Using the entries that follow, establish how many lines contain the word "view" and give only that figure.

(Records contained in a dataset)
=== Section Start ===

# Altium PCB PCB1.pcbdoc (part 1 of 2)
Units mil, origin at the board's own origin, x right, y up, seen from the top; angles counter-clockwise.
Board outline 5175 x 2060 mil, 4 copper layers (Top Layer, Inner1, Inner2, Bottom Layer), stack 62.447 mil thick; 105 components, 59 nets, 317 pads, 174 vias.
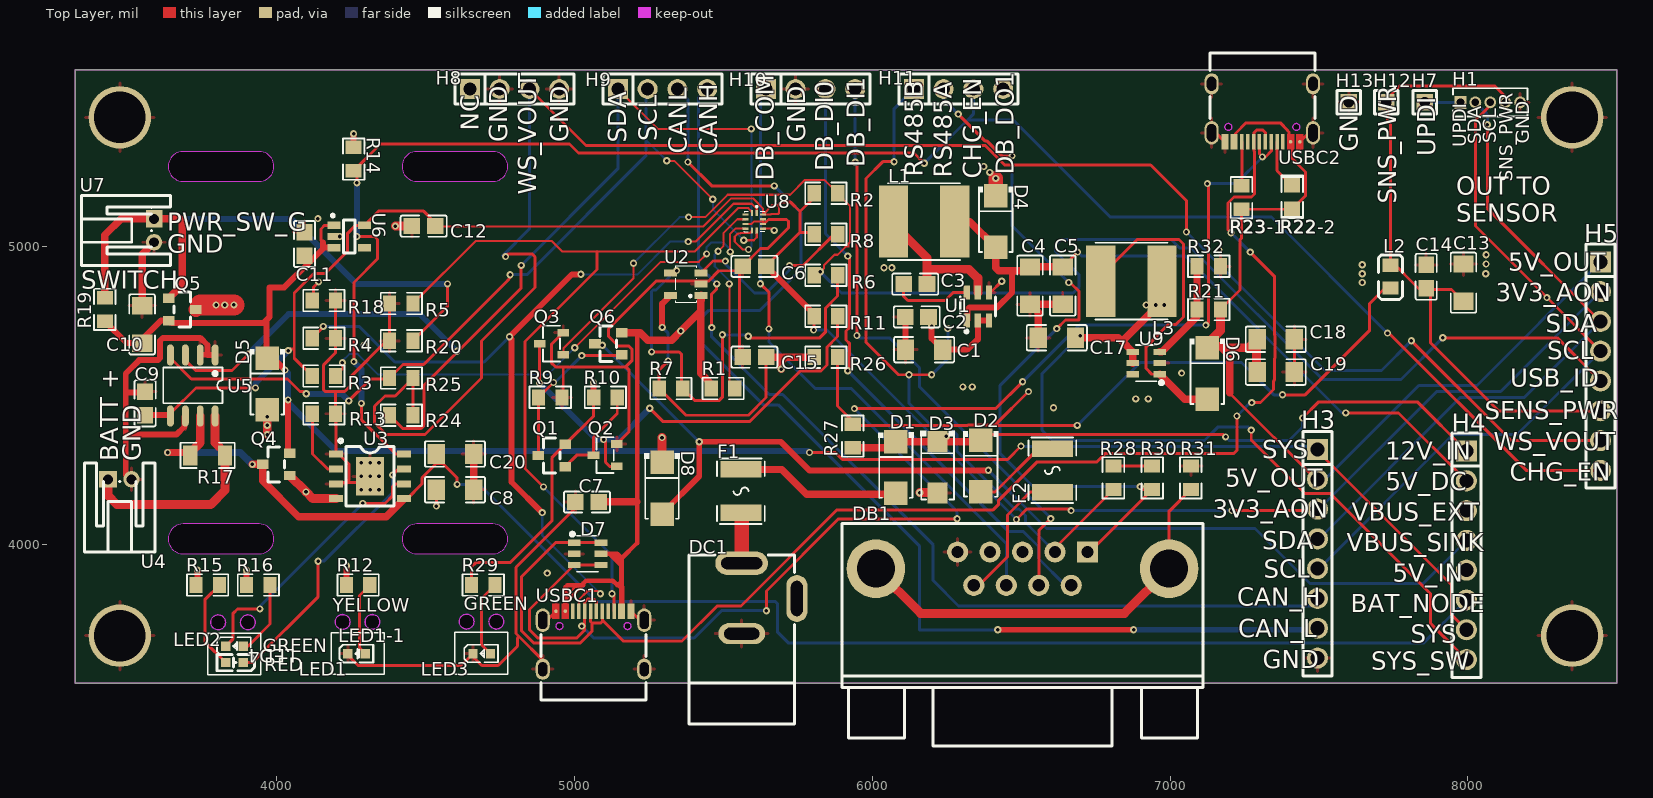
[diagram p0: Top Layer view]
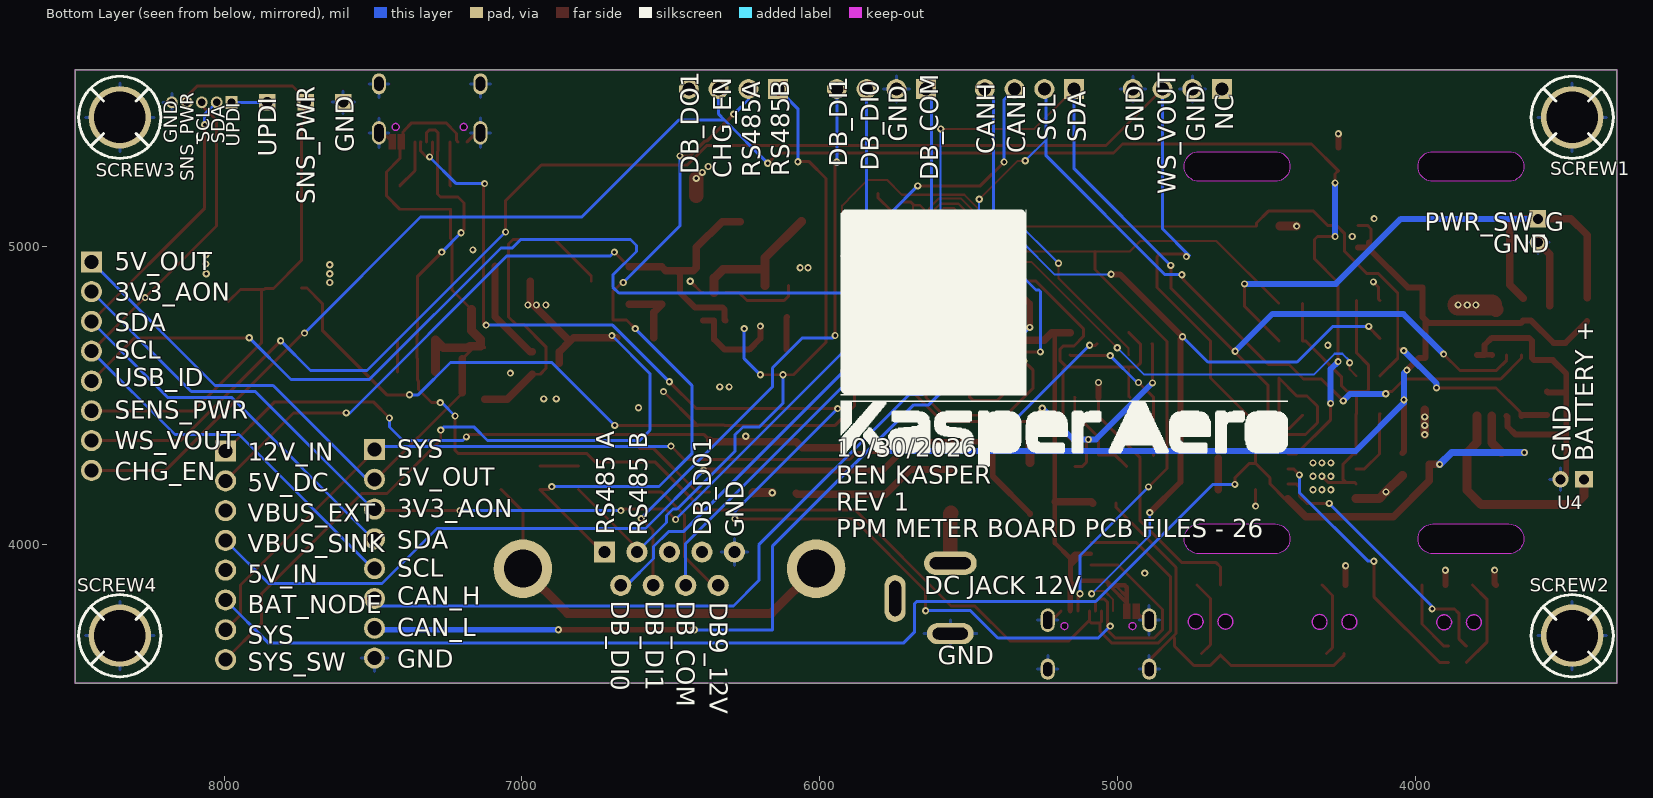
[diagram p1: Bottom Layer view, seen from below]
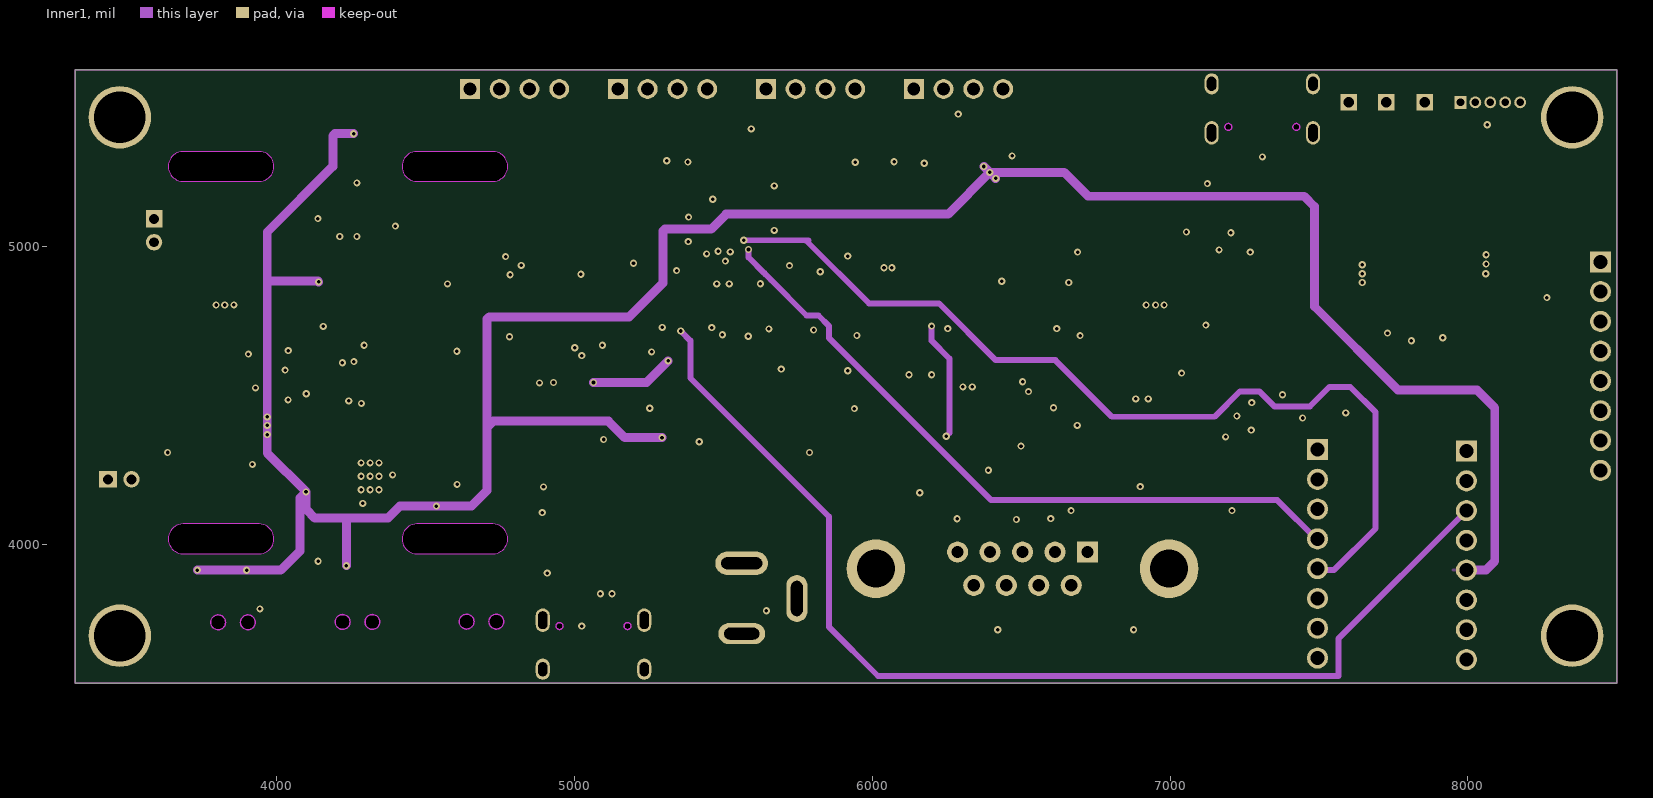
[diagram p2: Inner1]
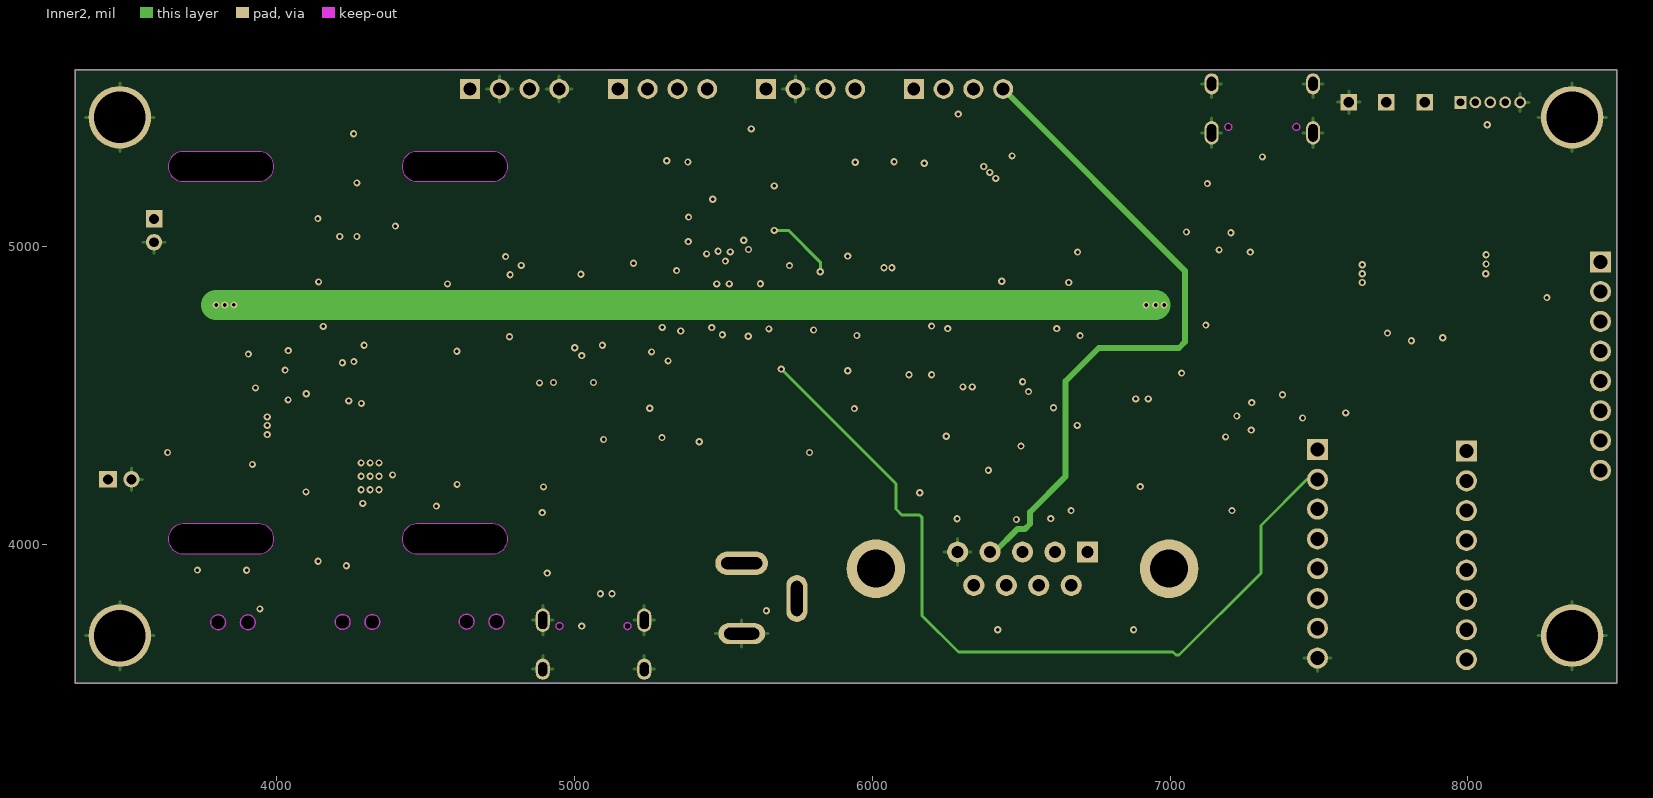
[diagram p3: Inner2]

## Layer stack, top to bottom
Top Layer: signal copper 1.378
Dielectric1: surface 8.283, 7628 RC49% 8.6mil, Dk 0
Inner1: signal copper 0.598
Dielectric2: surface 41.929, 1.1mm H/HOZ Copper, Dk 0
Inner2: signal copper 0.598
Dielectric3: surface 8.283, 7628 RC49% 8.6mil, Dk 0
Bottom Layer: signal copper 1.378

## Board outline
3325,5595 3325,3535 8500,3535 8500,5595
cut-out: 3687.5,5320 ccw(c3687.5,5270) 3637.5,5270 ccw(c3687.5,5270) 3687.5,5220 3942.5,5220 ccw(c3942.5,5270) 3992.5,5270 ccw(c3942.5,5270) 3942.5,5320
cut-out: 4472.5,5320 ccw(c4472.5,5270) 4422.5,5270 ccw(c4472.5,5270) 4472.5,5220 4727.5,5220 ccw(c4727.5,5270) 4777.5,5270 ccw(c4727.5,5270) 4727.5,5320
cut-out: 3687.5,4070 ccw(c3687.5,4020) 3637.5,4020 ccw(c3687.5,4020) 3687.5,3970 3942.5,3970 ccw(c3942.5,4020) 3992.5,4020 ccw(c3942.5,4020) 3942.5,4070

=== Section End ===

- _Answer below_
2